If you use contrast detect in the live view mode of your Canon DSLR, its very slow, its old technology but getting faster in the newer models. Some DSLR's will use the much faster phase detect while in live view by flipping up the mirror focusing and dropping the mirror again. Unfortunately its only good for one shot AF and not for video or continuous AF.

To get continuous AF with a DSLR, domething like the Sony A55 with a pellicle screen which lets the camera do continuous phase detect AF.

We are all wondering if Canon is going to come up with new focus technology for DSLR's that will give AF while capturing video.

Meanwhile, if you want fast and continuous AF for your DSLR, there isn't any. The closest thing is the Sony A55 and its limititation of just a vew minutes before it overheats.


----------



## dr croubie (Jul 2, 2011)

Mt Spokane Photography said:


> The closest thing is the Sony A55 and its limititation of just a vew minutes before it overheats.
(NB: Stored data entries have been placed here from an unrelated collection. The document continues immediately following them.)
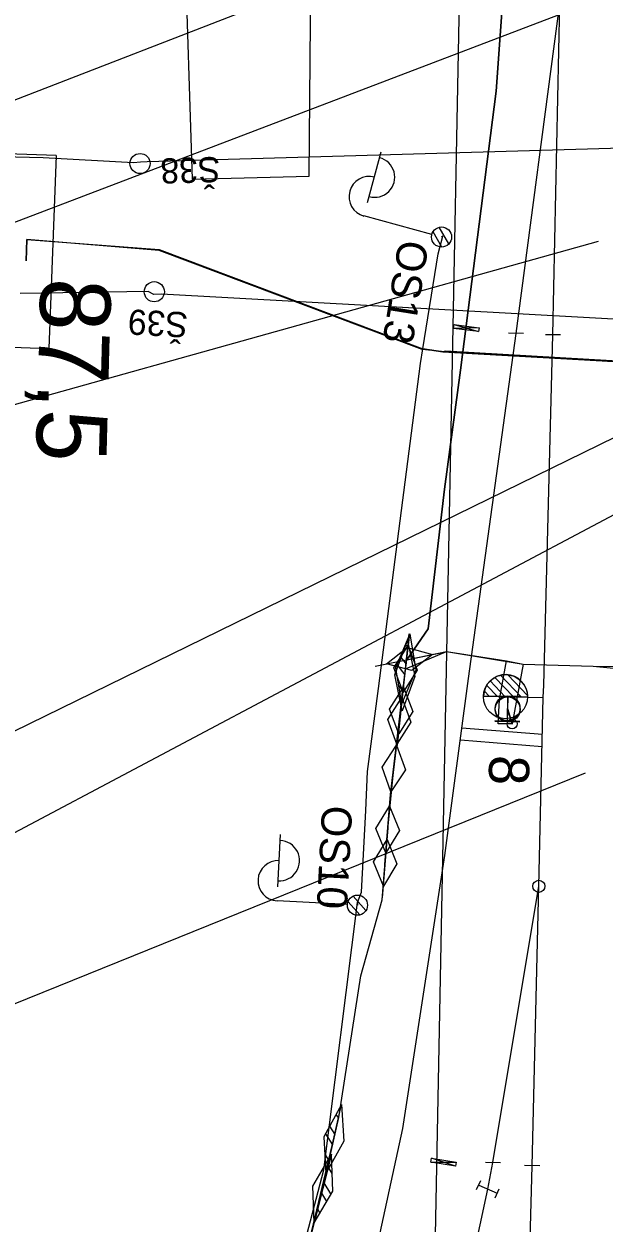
# Model space of a CAD drawing. Extents: x -545736 to -544888, y -1122892 to -1119128.
# Drawn here: x -545156.5 to -545127.7, y -1122462.5 to -1122403 of the extents above; entities that cross this region are included whole.
import ezdxf

# ---------------------------------------------------------------- set-up
doc = ezdxf.new("R2010")
doc.units = 0
for name, color, linetype in [('osvětlené plochy-hodnota-obrys', 7, 'Continuous'), ('Vrstva 1', 7, 'Continuous'), ('Vrstva 16', 7, 'Continuous'), ('Vrstva 16_plochy', 7, 'Continuous'), ('Vrstva 19 - Staniceni', 7, 'Continuous'), ('Vrstva 2', 7, 'Continuous'), ('Vrstva 25', 7, 'Continuous'), ('Vrstva 26', 7, 'Continuous'), ('Vrstva 27', 7, 'Continuous'), ('Vrstva 28 - zabzar', 7, 'Continuous'), ('Vrstva 3', 7, 'Continuous'), ('Vrstva 3 - Lisy - Pocitaci body', 7, 'Continuous'), ('Vrstva 31', 7, 'Continuous'), ('Vrstva 32', 7, 'Continuous'), ('Vrstva 33 - prvky sdelzar', 7, 'Continuous'), ('Vrstva 35', 7, 'Continuous'), ('Vrstva 43', 7, 'Continuous'), ('Vrstva 44', 7, 'Continuous'), ('Vrstva 63', 7, 'Continuous'), ('Vrstva 7', 7, 'Continuous'), ('Vrstva 7 - Namezniky-vystroj', 7, 'Continuous')]:
    doc.layers.add(name, color=color, linetype=linetype)

msp = doc.modelspace()

# ---------------------------------------------------------------- linework, layer by layer
at = {"layer": 'osvětlené plochy-hodnota-obrys'}
msp.add_lwpolyline([(-545134.488, -1122383.09), (-545138.436, -1122585.69), (-545142.696, -1122618.23), (-545150.566, -1122647.812), (-545144.37, -1122649.678)], dxfattribs=at)
at = {"layer": 'Vrstva 1'}
for p, q in [((-545132.029, -1122418.333), (-545129.856, -1122401.944)), ((-545133.18, -1122459.502), (-545130.897, -1122445.783))]:
    msp.add_line(p, q, dxfattribs=at)
for points in [[(-545130.199, -1122418.401), (-545129.856, -1122401.944), (-545129.646, -1122391.884)], [(-545145.86, -1122485.415), (-545140.531, -1122469.882), (-545139.118, -1122464.506), (-545137.664, -1122457.815), (-545135.575, -1122444.252), (-545134.387, -1122435.471), (-545132.029, -1122418.333)], [(-545130.678, -1122436.411), (-545130.656, -1122435.791), (-545130.199, -1122418.401)], [(-545131.231, -1122459.659), (-545130.897, -1122445.783), (-545130.678, -1122436.411)], [(-545143.381, -1122494.588), (-545139.286, -1122483.853), (-545137.099, -1122476.978), (-545136.326, -1122474.296), (-545133.431, -1122460.82), (-545133.18, -1122459.502)], [(-545132.113, -1122493.06), (-545131.69, -1122476.721), (-545131.231, -1122459.659)]]:
    msp.add_lwpolyline(points, dxfattribs=at)
at = {"layer": 'Vrstva 16'}
msp.add_lwpolyline([(-545148.504, -1122398.846), (-545148.13, -1122410.674), (-545142.311, -1122410.518), (-545142.214, -1122399.014)], close=True, dxfattribs=at)
at = {"layer": 'Vrstva 16_plochy'}
for points in [[(-545154.889, -1122409.491), (-545163.658, -1122409.205), (-545164.003, -1122418.764), (-545155.239, -1122419.077)], [(-545154.889, -1122409.491), (-545155.239, -1122419.077)]]:
    msp.add_lwpolyline(points, dxfattribs=at)
at = {"layer": 'Vrstva 2'}
for p, q in [((-545132.029, -1122418.333), (-545129.856, -1122401.944)), ((-545131.654, -1122418.341), (-545132.404, -1122418.325)), ((-545129.824, -1122418.398), (-545130.574, -1122418.404)), ((-545132.166, -1122436.378), (-545133.085, -1122435.414)), ((-545131.768, -1122436.387), (-545132.802, -1122435.303)), ((-545131.454, -1122436.31), (-545132.436, -1122435.279)), ((-545133.359, -1122436.349), (-545133.606, -1122436.09)), ((-545132.961, -1122436.358), (-545133.487, -1122435.807)), ((-545132.564, -1122436.368), (-545133.311, -1122435.584)), ((-545131.45, -1122436.395), (-545133.644, -1122436.342)), ((-545133.644, -1122436.342), (-545131.45, -1122436.394)), ((-545131.45, -1122436.394), (-545131.45, -1122436.395)), ((-545131.449, -1122436.395), (-545130.678, -1122436.411)), ((-545133.18, -1122459.502), (-545130.897, -1122445.783)), ((-545132.805, -1122459.511), (-545133.555, -1122459.493)), ((-545130.856, -1122459.669), (-545131.606, -1122459.649))]:
    msp.add_line(p, q, dxfattribs=at)
for points in [[(-545130.199, -1122418.401), (-545129.856, -1122401.944), (-545129.646, -1122391.884)], [(-545131.231, -1122459.659), (-545130.897, -1122445.783), (-545130.678, -1122436.411)]]:
    msp.add_lwpolyline(points, dxfattribs=at)
for centre, radius in [((-545132.553, -1122436.367), 1.097), ((-545130.897, -1122445.783), 0.3)]:
    msp.add_circle(centre, radius, dxfattribs=at)
msp.add_arc((-545132.547, -1122436.368), 1.098, 358.65694, 178.61779, dxfattribs=at)
at = {"layer": 'Vrstva 25'}
for p, q in [((-545139.41, -1122411.826), (-545138.732, -1122409.316)), ((-545136.214, -1122413.415), (-545139.592, -1122412.501)), ((-545135.715, -1122414.045), (-545136.153, -1122413.282)), ((-545135.371, -1122413.89), (-545135.848, -1122413.06)), ((-545143.869, -1122445.805), (-545143.73, -1122443.209)), ((-545140.411, -1122446.691), (-545143.906, -1122446.504)), ((-545139.792, -1122447.203), (-545140.38, -1122446.549)), ((-545139.488, -1122446.98), (-545140.128, -1122446.268))]:
    msp.add_line(p, q, dxfattribs=at)
for centre in [(-545135.731, -1122413.545), (-545135.731, -1122413.545), (-545139.912, -1122446.718), (-545139.912, -1122446.718)]:
    msp.add_circle(centre, 0.5, dxfattribs=at)
for centre, start, end in [((-545139.059, -1122410.574), 254.17506, 75.58021), ((-545139.332, -1122411.536), 74.87764, 254.87764), ((-545143.787, -1122444.508), 266.23421, 87.63936), ((-545143.853, -1122445.506), 86.93679, 266.93679)]:
    msp.add_arc(centre, 1, start, end, dxfattribs=at)
at = {"layer": 'Vrstva 26'}
for points in [[(-545134.594, -1122508.496), (-545134.254, -1122496.631), (-545133.939, -1122488.006), (-545137.081, -1122485.445), (-545147.387, -1122482.077), (-545141.585, -1122459.861), (-545139.907, -1122446.587), (-545139.716, -1122446.072), (-545139.499, -1122442.017), (-545139.407, -1122440.077), (-545138.864, -1122435.963), (-545136.776, -1122419.823), (-545136.659, -1122419.093), (-545135.901, -1122414.378), (-545135.664, -1122413.501), (-545135.731, -1122413.545)], [(-545113.588, -1122440.459), (-545114.2, -1122440.77), (-545115.03, -1122440.61), (-545114.46, -1122437.51), (-545112.75, -1122436.04), (-545114.11, -1122435.24), (-545111.34, -1122420.98), (-545110.467, -1122420.677), (-545135.537, -1122419.205), (-545135.677, -1122419.251), (-545136.659, -1122419.093)], [(-545139.907, -1122446.587), (-545139.912, -1122446.718)]]:
    msp.add_lwpolyline(points, dxfattribs=at)
at = {"layer": 'Vrstva 27'}
msp.add_line((-545132.227, -1122437.695), (-545132.233, -1122437.745), dxfattribs=at)
msp.add_line((-545132.227, -1122437.695), (-545132.233, -1122437.745), dxfattribs=at)
msp.add_circle((-545132.23, -1122437.72), 0.25, dxfattribs=at)
msp.add_circle((-545132.23, -1122437.72), 0.25, dxfattribs=at)
at = {"layer": 'Vrstva 28 - zabzar'}
for p, q in [((-545137.702, -1122436.726), (-545137.338, -1122433.254)), ((-545139.031, -1122434.846), (-545135.609, -1122434.154)), ((-545138.46, -1122434.731), (-545137.435, -1122433.93)), ((-545138.099, -1122434.929), (-545137.399, -1122433.833)), ((-545137.435, -1122433.93), (-545136.18, -1122434.269)), ((-545137.399, -1122433.833), (-545136.941, -1122435.051)), ((-545136.18, -1122434.269), (-545137.205, -1122435.07)), ((-545137.205, -1122435.07), (-545138.46, -1122434.731)), ((-545137.641, -1122436.147), (-545138.099, -1122434.929)), ((-545137.922, -1122438.786), (-545137.558, -1122435.314)), ((-545136.941, -1122435.051), (-545137.641, -1122436.147)), ((-545138.319, -1122436.989), (-545137.619, -1122435.893)), ((-545138.023, -1122439.305), (-545137.637, -1122435.835)), ((-545137.619, -1122435.893), (-545137.161, -1122437.111)), ((-545138.408, -1122437.506), (-545137.702, -1122436.414)), ((-545137.702, -1122436.414), (-545137.252, -1122437.634)), ((-545137.861, -1122438.207), (-545138.319, -1122436.989)), ((-545137.161, -1122437.111), (-545137.861, -1122438.207)), ((-545137.958, -1122438.726), (-545138.408, -1122437.506)), ((-545137.252, -1122437.634), (-545137.958, -1122438.726)), ((-545137.902, -1122438.197), (-545138.318, -1122441.663)), ((-545138.688, -1122439.861), (-545137.971, -1122438.775)), ((-545137.971, -1122438.775), (-545137.532, -1122439.999)), ((-545138.249, -1122441.085), (-545138.688, -1122439.861)), ((-545137.532, -1122439.999), (-545138.249, -1122441.085)), ((-545138.55, -1122444.7), (-545138.27, -1122441.22)), ((-545138.99, -1122442.913), (-545138.317, -1122441.8)), ((-545138.317, -1122441.8), (-545137.83, -1122443.007)), ((-545138.503, -1122444.12), (-545138.99, -1122442.913)), ((-545138.672, -1122446.36), (-545138.388, -1122442.88)), ((-545137.83, -1122443.007), (-545138.503, -1122444.12)), ((-545139.11, -1122444.573), (-545138.435, -1122443.46)), ((-545138.435, -1122443.46), (-545137.95, -1122444.667)), ((-545138.625, -1122445.78), (-545139.11, -1122444.573)), ((-545137.95, -1122444.667), (-545138.625, -1122445.78))]:
    msp.add_line(p, q, dxfattribs=at)
for points in [[(-545137.46, -1122434.53), (-545136.39, -1122433), (-545135.58, -1122426.07), (-545134.79, -1122420.15), (-545133.02, -1122406.31), (-545132.05, -1122392.7), (-545132.2, -1122385.52), (-545132.72, -1122373.87), (-545132.94, -1122371.34), (-545133.16, -1122368.81)], [(-545142.93, -1122466.01), (-545141.63, -1122460.79), (-545140.84, -1122457.27), (-545139.75, -1122450.22), (-545138.68, -1122446.46), (-545138.53, -1122444.62), (-545138.41, -1122442.96), (-545138.11, -1122439.93), (-545137.87, -1122437.93), (-545137.83, -1122437.57), (-545137.74, -1122437.05), (-545137.52, -1122434.99), (-545137.46, -1122434.53), (-545137.32, -1122434.5), (-545135.49, -1122434.13), (-545132.82, -1122434.54), (-545131.67, -1122434.76), (-545128.2, -1122434.85), (-545124.58, -1122434.9)], [(-545142.93, -1122466.01), (-545141.63, -1122460.79), (-545140.84, -1122457.27), (-545139.75, -1122450.22), (-545138.68, -1122446.46), (-545138.53, -1122444.62), (-545138.41, -1122442.96), (-545138.11, -1122439.93), (-545137.87, -1122437.93), (-545137.83, -1122437.57), (-545137.74, -1122437.05), (-545137.52, -1122434.99), (-545137.46, -1122434.53), (-545137.32, -1122434.5), (-545135.49, -1122434.13), (-545132.82, -1122434.54), (-545132.5, -1122434.59), (-545131.67, -1122434.76), (-545128.2, -1122434.85), (-545124.58, -1122434.9)], [(-545132.45, -1122436.95), (-545132.23, -1122437.72), (-545132.92, -1122437.71), (-545132.86, -1122436.51), (-545132.5, -1122434.59)], [(-545131.67, -1122434.76), (-545132.23, -1122437.72), (-545132.45, -1122436.95)]]:
    msp.add_lwpolyline(points, dxfattribs=at)
at = {"layer": 'Vrstva 3'}
for p, q in [((-545131.821, -1122436.394), (-545133.052, -1122436.365)), ((-545132.436, -1122436.379), (-545132.466, -1122437.611)), ((-545131.85, -1122437.625), (-545133.081, -1122437.596)), ((-545133.989, -1122460.844), (-545133.786, -1122460.388)), ((-545133.888, -1122460.616), (-545132.974, -1122461.024)), ((-545133.076, -1122461.252), (-545132.873, -1122460.796))]:
    msp.add_line(p, q, dxfattribs=at)
msp.add_circle((-545132.45, -1122436.997), 0.616, dxfattribs=at)
at = {"layer": 'Vrstva 3 - Lisy - Pocitaci body'}
for p, q in [((-545133.051, -1122436.32), (-545131.82, -1122436.349)), ((-545132.464, -1122437.566), (-545132.436, -1122436.334)), ((-545133.08, -1122437.551), (-545131.849, -1122437.58))]:
    msp.add_line(p, q, dxfattribs=at)
msp.add_circle((-545132.451, -1122436.948), 0.616, dxfattribs=at)
at = {"layer": 'Vrstva 31'}
for points in [[(-545129.58, -1122347.14), (-545128.92, -1122347.33), (-545127.93, -1122353.9), (-545127.07, -1122367.16), (-545126.8, -1122372.84), (-545126.95, -1122373.3), (-545128.47, -1122373.7), (-545131.38, -1122373.88), (-545132.72, -1122373.87), (-545132.2, -1122385.52), (-545132.05, -1122392.7), (-545133.02, -1122406.31), (-545134.79, -1122420.15), (-545135.58, -1122426.07), (-545136.39, -1122433), (-545137.46, -1122434.53)], [(-545099.24, -1122402.115), (-545098.313, -1122409.178), (-545097.663, -1122416.204), (-545097.274, -1122424.459), (-545098.365, -1122424.645), (-545100.628, -1122425.068), (-545101.138, -1122425.054), (-545109.701, -1122421.713), (-545110.467, -1122420.727), (-545135.568, -1122419.245), (-545136.694, -1122419.128), (-545149.766, -1122414.21), (-545156.339, -1122413.66), (-545156.372, -1122414.724)], [(-545137.56, -1122435.33), (-545137.52, -1122434.99), (-545137.46, -1122434.53), (-545137.32, -1122434.5), (-545135.49, -1122434.13), (-545132.82, -1122434.54), (-545131.67, -1122434.76), (-545128.2, -1122434.85), (-545124.58, -1122434.9), (-545123.28, -1122435.33), (-545115.13, -1122435.9), (-545113.17, -1122435.96), (-545111.79, -1122436.35), (-545107.25, -1122436.01), (-545103.45, -1122435.89), (-545098.21, -1122435.16), (-545098.87, -1122433.13), (-545100.24, -1122425.44), (-545102.2, -1122418.85), (-545103.21, -1122414.3), (-545103.69, -1122412.05)], [(-545156.372, -1122414.724), (-545156.339, -1122413.66), (-545149.766, -1122414.16), (-545149.766, -1122414.16), (-545136.659, -1122419.093), (-545135.677, -1122419.251), (-545110.467, -1122420.677), (-545100.891, -1122425.245), (-545098.365, -1122424.695), (-545097.239, -1122424.494)], [(-545137.697, -1122437.075), (-545138.058, -1122435.291), (-545137.423, -1122433.585), (-545137.062, -1122435.369), (-545137.697, -1122437.075)], [(-545137.697, -1122437.075), (-545138.058, -1122435.291), (-545137.423, -1122433.585), (-545137.062, -1122435.369), (-545137.697, -1122437.075)], [(-545142.93, -1122466.01), (-545140.84, -1122457.27), (-545139.75, -1122450.22), (-545138.68, -1122446.46), (-545138.27, -1122441.22), (-545138.11, -1122439.93), (-545137.74, -1122437.05), (-545137.56, -1122435.33), (-545137.46, -1122434.53), (-545137.32, -1122434.5), (-545135.49, -1122434.13), (-545132.82, -1122434.54), (-545131.67, -1122434.76), (-545128.2, -1122434.85), (-545124.58, -1122434.9), (-545123.28, -1122435.33), (-545119.31, -1122435.79), (-545115.13, -1122435.9), (-545113.17, -1122435.96), (-545111.79, -1122436.35), (-545107.25, -1122436.01), (-545103.45, -1122435.89), (-545098.21, -1122435.16)]]:
    msp.add_lwpolyline(points, dxfattribs=at)
at = {"layer": 'Vrstva 32'}
for p, q in [((-545137.362, -1122433.38), (-545137.333, -1122433.438)), ((-545137.536, -1122433.762), (-545137.394, -1122433.943)), ((-545137.951, -1122434.774), (-545137.555, -1122435.279)), ((-545137.793, -1122434.372), (-545137.492, -1122434.756)), ((-545137.891, -1122435.788), (-545137.652, -1122436.091)), ((-545137.761, -1122436.536), (-545137.713, -1122436.595)), ((-545140.771, -1122456.744), (-545140.748, -1122456.804)), ((-545140.983, -1122457.107), (-545140.859, -1122457.301)), ((-545141.497, -1122458.072), (-545141.154, -1122458.614)), ((-545141.299, -1122457.688), (-545141.038, -1122458.1)), ((-545141.54, -1122459.086), (-545141.333, -1122459.412)), ((-545141.199, -1122459.286), (-545141.239, -1122459.221)), ((-545141.486, -1122459.844), (-545141.444, -1122459.908)), ((-545141.163, -1122460.044), (-545141.362, -1122459.714)), ((-545141.436, -1122461.437), (-545141.687, -1122461.019)), ((-545141.229, -1122461.058), (-545141.56, -1122460.507)), ((-545141.766, -1122462.01), (-545141.885, -1122461.813)), ((-545141.986, -1122462.368), (-545142.008, -1122462.307))]:
    msp.add_line(p, q, dxfattribs=at)
for points in [[(-545137.309, -1122433.241), (-545138.025, -1122434.929), (-545137.731, -1122436.739)], [(-545140.704, -1122456.611), (-545141.587, -1122458.219), (-545141.476, -1122460.049)], [(-545142.056, -1122462.5), (-545141.136, -1122460.913), (-545141.204, -1122459.08)]]:
    msp.add_lwpolyline(points, close=True, dxfattribs=at)
for points in [[(-545137.309, -1122433.241), (-545137.015, -1122435.051), (-545137.731, -1122436.739)], [(-545142.93, -1122466.01), (-545140.84, -1122457.27), (-545139.75, -1122450.22), (-545138.68, -1122446.46), (-545138.27, -1122441.22), (-545137.52, -1122434.99), (-545137.46, -1122434.53), (-545135.49, -1122434.13), (-545132.82, -1122434.54), (-545132.5, -1122434.59), (-545131.67, -1122434.76), (-545128.2, -1122434.85), (-545124.58, -1122434.9)], [(-545138.27, -1122441.22), (-545137.52, -1122434.99), (-545135.49, -1122434.13), (-545131.67, -1122434.76), (-545128.2, -1122434.85), (-545123.28, -1122435.33)], [(-545137.26, -1122503.3), (-545136.84, -1122494.09), (-545136.54, -1122488.04), (-545137.2, -1122485.39), (-545142.33, -1122483.7), (-545147.19, -1122482.16), (-545147.31, -1122480.5), (-545145.39, -1122475.04), (-545142.93, -1122466.01), (-545142.89, -1122465.81), (-545141.63, -1122460.79), (-545141.09, -1122458.33), (-545140.84, -1122457.27), (-545139.75, -1122450.22), (-545138.68, -1122446.46), (-545138.27, -1122441.22)], [(-545140.704, -1122456.611), (-545140.593, -1122458.441), (-545141.476, -1122460.049)], [(-545142.056, -1122462.5), (-545142.124, -1122460.667), (-545141.204, -1122459.08)]]:
    msp.add_lwpolyline(points, dxfattribs=at)
at = {"layer": 'Vrstva 33 - prvky sdelzar'}
for points in [[(-545110.467, -1122420.727), (-545135.568, -1122419.245)], [(-545135.49, -1122434.13), (-545132.82, -1122434.54), (-545132.5, -1122434.59), (-545131.67, -1122434.76), (-545128.2, -1122434.85), (-545124.58, -1122434.9), (-545123.28, -1122435.33), (-545119.31, -1122435.79), (-545115.13, -1122435.9), (-545113.17, -1122435.96)]]:
    msp.add_lwpolyline(points, dxfattribs=at)
at = {"layer": 'Vrstva 35'}
for points in [[(-545135.49, -1122434.13), (-545132.82, -1122434.54), (-545131.67, -1122434.76), (-545128.2, -1122434.85), (-545124.58, -1122434.9)], [(-545135.49, -1122434.13), (-545132.82, -1122434.54), (-545132.5, -1122434.59)], [(-545132.5, -1122434.59), (-545131.67, -1122434.76), (-545128.2, -1122434.85), (-545124.58, -1122434.9)]]:
    msp.add_lwpolyline(points, dxfattribs=at)
at = {"layer": 'Vrstva 43'}
for centre in [(-545150.713, -1122409.896), (-545150.006, -1122416.261)]:
    msp.add_circle(centre, 0.5, dxfattribs=at)
at = {"layer": 'Vrstva 44'}
for points in [[(-545161.563, -1122409.448), (-545161.04, -1122409.449), (-545159.873, -1122409.474), (-545158.718, -1122409.518), (-545157.567, -1122409.551), (-545155.535, -1122409.595), (-545151.035, -1122409.842), (-545150.699, -1122409.811), (-545150.354, -1122409.803), (-545117.558, -1122408.854), (-545117.209, -1122408.632), (-545117.207, -1122408.356), (-545114.472, -1122375.479)], [(-545053.287, -1122633.279), (-545063.238, -1122586.146), (-545063.248, -1122585.919), (-545063.296, -1122585.762), (-545072.411, -1122534.849), (-545072.406, -1122534.601), (-545072.52, -1122534.494), (-545080.043, -1122501.027), (-545080.093, -1122500.849), (-545080.193, -1122500.397), (-545087.505, -1122464.21), (-545087.659, -1122463.509), (-545087.757, -1122463.363), (-545099.069, -1122419.052), (-545099.193, -1122418.695), (-545099.586, -1122418.621), (-545116.487, -1122418.299), (-545117.079, -1122418.156), (-545117.605, -1122418.155), (-545149.644, -1122416.388), (-545150.026, -1122416.395), (-545150.307, -1122416.258), (-545156.662, -1122416.357)]]:
    msp.add_lwpolyline(points, dxfattribs=at)
at = {"layer": 'Vrstva 63'}
for p, q in [((-545117.157, -1122391.345), (-545179.271, -1122415.379)), ((-545105.11, -1122393.061), (-545178.191, -1122420.898)), ((-545099.334, -1122412.581), (-545172.254, -1122451.231)), ((-545127.956, -1122413.772), (-545176.91, -1122427.443)), ((-545108.468, -1122414.355), (-545173.267, -1122446.057)), ((-545128.603, -1122440.164), (-545171.063, -1122457.317))]:
    msp.add_line(p, q, dxfattribs=at)
at = {"layer": 'Vrstva 7'}
for p, q in [((-545134.718, -1122437.918), (-545130.721, -1122438.235)), ((-545134.799, -1122438.514), (-545130.736, -1122438.836))]:
    msp.add_line(p, q, dxfattribs=at)
at = {"layer": 'Vrstva 7 - Namezniky-vystroj'}
for p, q in [((-545135.109, -1122417.882), (-545133.897, -1122418.244)), ((-545135.038, -1122459.679), (-545136.238, -1122459.277))]:
    msp.add_line(p, q, dxfattribs=at)
for points in [[(-545133.87, -1122418.046), (-545135.136, -1122418.08), (-545135.109, -1122417.882), (-545133.87, -1122418.046), (-545133.897, -1122418.244), (-545135.136, -1122418.08)], [(-545136.271, -1122459.474), (-545135.005, -1122459.482), (-545135.038, -1122459.679), (-545136.271, -1122459.474), (-545136.238, -1122459.277), (-545135.005, -1122459.482)]]:
    msp.add_lwpolyline(points, dxfattribs=at)

# ---------------------------------------------------------------- texts
at = {"layer": 'Vrstva 19 - Staniceni'}
msp.add_text('87,5', height=3.5, rotation=268.50503, dxfattribs=at).set_placement((-545155.647, -1122415.556))
at = {"layer": 'Vrstva 2'}
msp.add_text('8', height=2, rotation=268.59325, dxfattribs=at).set_placement((-545133.358, -1122439.253))
at = {"layer": 'Vrstva 25'}
for s, rotation, p in [('OS13', 260.86707, (-545137.848, -1122413.631)), ('OS10', 266.93679, (-545141.663, -1122441.747))]:
    msp.add_text(s, height=1.5, rotation=rotation, dxfattribs=at).set_placement(p)
at = {"layer": 'Vrstva 43'}
for s, rotation, p in [('Š38', 181.65747, (-545146.745, -1122409.562)), ('Š39', 176.84325, (-545148.305, -1122417.294))]:
    msp.add_text(s, height=1.25, rotation=rotation, dxfattribs=at).set_placement(p)

doc.saveas('drawing.dxf')

but the reason it overheats is because it's got sensor shift IS, no? ie, the sensor moves around to correct shake, so it's not bolted to anything, so there's no heat transfer to any other part of the body. if canon or nikon (who do IS/VR in the lens) bring in a pellicle mirror, then you get the best of both worlds, the sensor would be bolted to the body and wouldn't overheat as quick, and you'd get fast AF.
(and that's my best prediction of new features if any new 'video' bodies come out)


----------



## Mt Spokane Photography (Jul 2, 2011)

dr croubie said:


> Mt Spokane Photography said:
> 
> 
> > The closest thing is the Sony A55 and its limititation of just a vew minutes before it overheats.
> ...



That IS unit generates even more heat adding to that generated by the sensor, Sony's recommendation is to turn the IS off for video and double the time to overheat. But right now, that is all there is.


----------